Pictures are to be dropped. Everything else in the listing gets copied exactly.
*** Supplied entries Section Begins ***
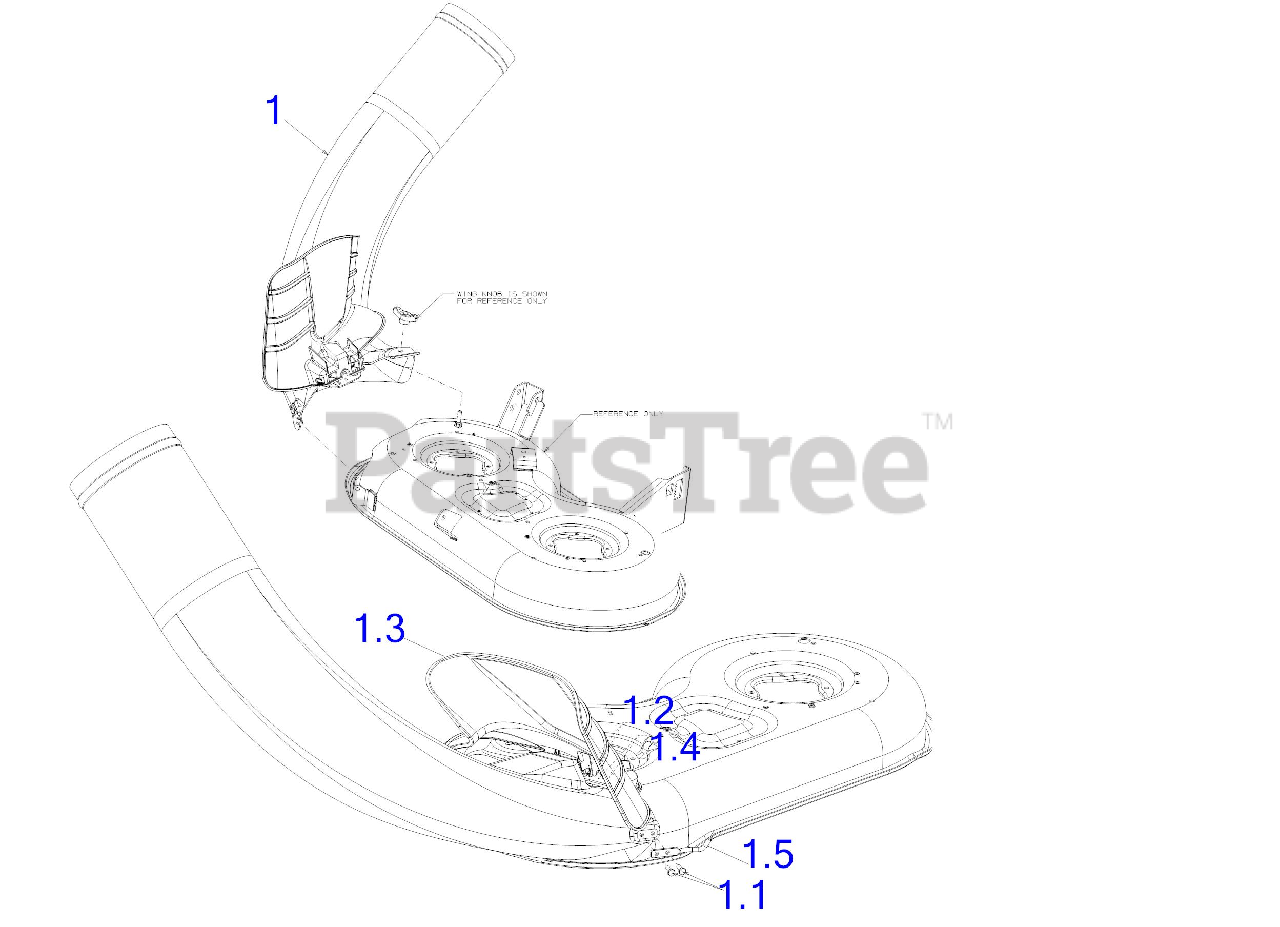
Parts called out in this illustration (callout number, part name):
1	34" LOWER BOOT ASSEMBLY
1.1	SCREW 1/4-20X.75 GR5
1.2	FLANGE LOCK NUT
1.3	DISCHARGE CHUTE
1.4	SPRING WASHER BELL
1.5	MULCH PLUG MOUTING ROD
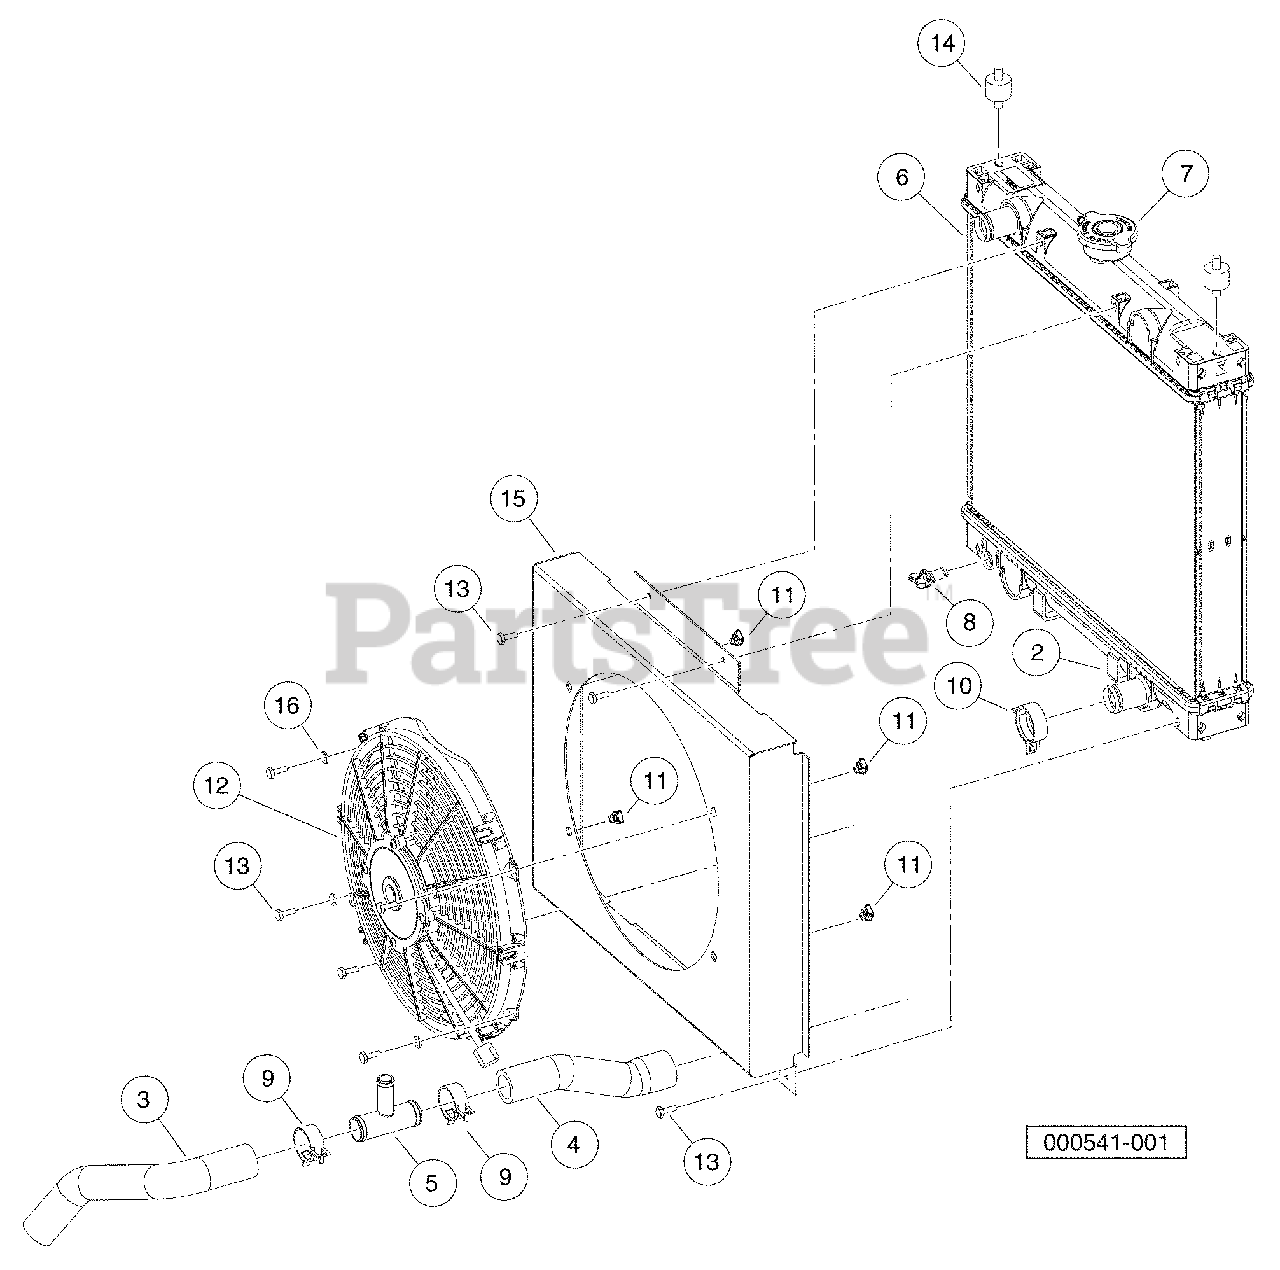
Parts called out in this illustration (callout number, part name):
*** Supplied entries Section Ends ***
== Output of the task ==
Parts called out in this illustration (callout number, part name):
1	34" LOWER BOOT ASSEMBLY
1.1	SCREW 1/4-20X.75 GR5
1.2	FLANGE LOCK NUT
1.3	DISCHARGE CHUTE
1.4	SPRING WASHER BELL
1.5	MULCH PLUG MOUTING ROD
Parts called out in this illustration (callout number, part name):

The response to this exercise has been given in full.